Vielleicht könnte es sich jetzt so anhören, als wäre ich eine Symbiose mit einem Säugling eingegangen und würde mich nur noch ums Kind drehen. Klar, er ist bestimmt ein Mittelpunkt in meinem Leben. Aber ich habe in den letzten Wochen mehr denn je Dinge realisiert, die ich mir seit Jahren vornehme. Ein Kind lässt dich Prioritäten neu setzen - ich verschwende weniger Zeit mit Dingen, die mich im Grunde nicht interessieren und bin effektiver.

Wenn ich arbeite, was ich schnell wieder anfangen konnte, dann kurz, konzentriert und gründlich. Natürlich vermisse ich ein wenig den Feierabend in einer guten Bar. Aber das habe ich fast 20 Jahre sehr exzessiv betrieben, da kann ich ein knappes Jahr weniger Baraufenthalte schon verkraften.

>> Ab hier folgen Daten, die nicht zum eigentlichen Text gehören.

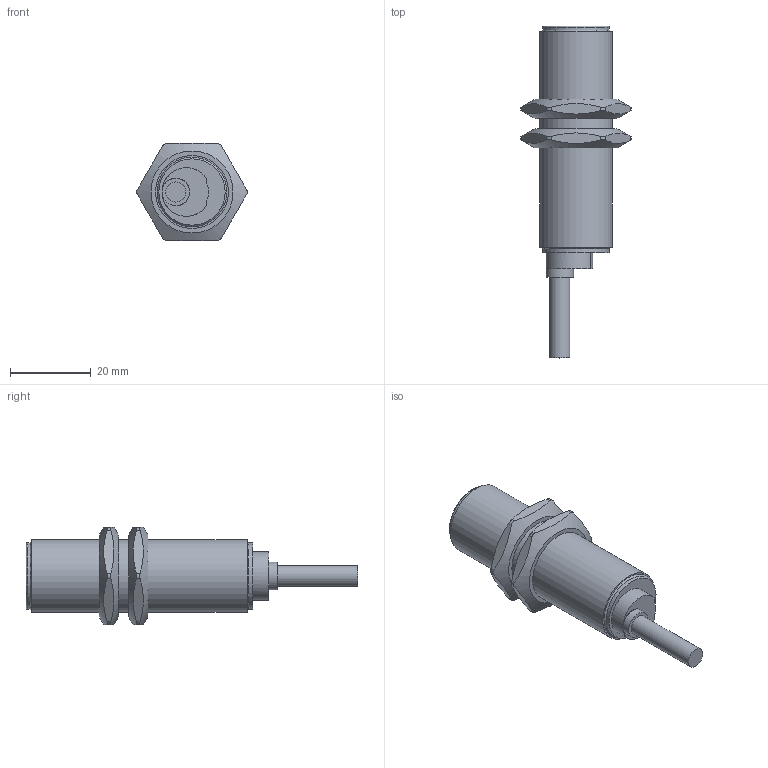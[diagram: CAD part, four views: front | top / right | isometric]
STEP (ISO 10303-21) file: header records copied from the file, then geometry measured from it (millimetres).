
FILE_DESCRIPTION(/* description */ (''),/* implementation_level */ '2;1');
FILE_NAME(/* name */ '3DCAD_IS_118_MM_xNx_8E0.stp',/* time_stamp */ '2019-04-30T15:00:18+02:00',/* author */ ('CC2'),/* organization */ ('Leuze electronic'),/* preprocessor_version */ 'ST-DEVELOPER v16',/* originating_system */ 'SIEMENS PLM Software NX 11.0',/* authorisation */ '');
FILE_SCHEMA (('AUTOMOTIVE_DESIGN { 1 0 10303 214 3 1 1 1 }'));
Length unit declared in the file: millimetre
Products named in the file (2): 020702_00.0_1-Mutter 6KT - M18_SW24; 19-102912_00_1-3DCAD_IS_118_MM_xNx_8E0
Assembly tree (2 placements, depth 2):
  19-102912_00_1-3DCAD_IS_118_MM_xNx_8E0
    020702_00.0_1-Mutter 6KT - M18_SW24  x2
Bounding box: 27.24 x 82 x 23.97 mm (x, y, z)
Volume: 16804.8 mm3; surface area: 6062.1 mm2
Topology: 3 solids, 3 shells, 53 faces, 180 edges, 137 vertices
Faces by surface type: plane 25, cylinder 21, cone 6, torus 1
Full cylindrical faces by diameter (mm): 5 x1, 6.8 x1, 16.4 x2, 18 x3
Entity records: 1425 total; most frequent: CARTESIAN_POINT 502, ORIENTED_EDGE 188, DIRECTION 138, EDGE_CURVE 94, VERTEX_POINT 77, AXIS2_PLACEMENT_3D 59, EDGE_LOOP 53, B_SPLINE_CURVE_WITH_KNOTS 40

Mütter müssen sich einfach frei machen von den Erwartungen und Bewertungen anderer

Ich wäre auch nicht lieber Vater geworden. Ich habe zwar einen großartigen Freund, der seinen Sohn genauso um- und versorgen kann wie ich. Aber er kann nicht stillen und ich liebe die Zweisamkeit des Stillens, ich finde es archaisch und ursprünglich, das erdet mich. Aber das ist etwas Persönliches und ich kann genauso gut die Vorteile des Nicht-Stillens verstehen.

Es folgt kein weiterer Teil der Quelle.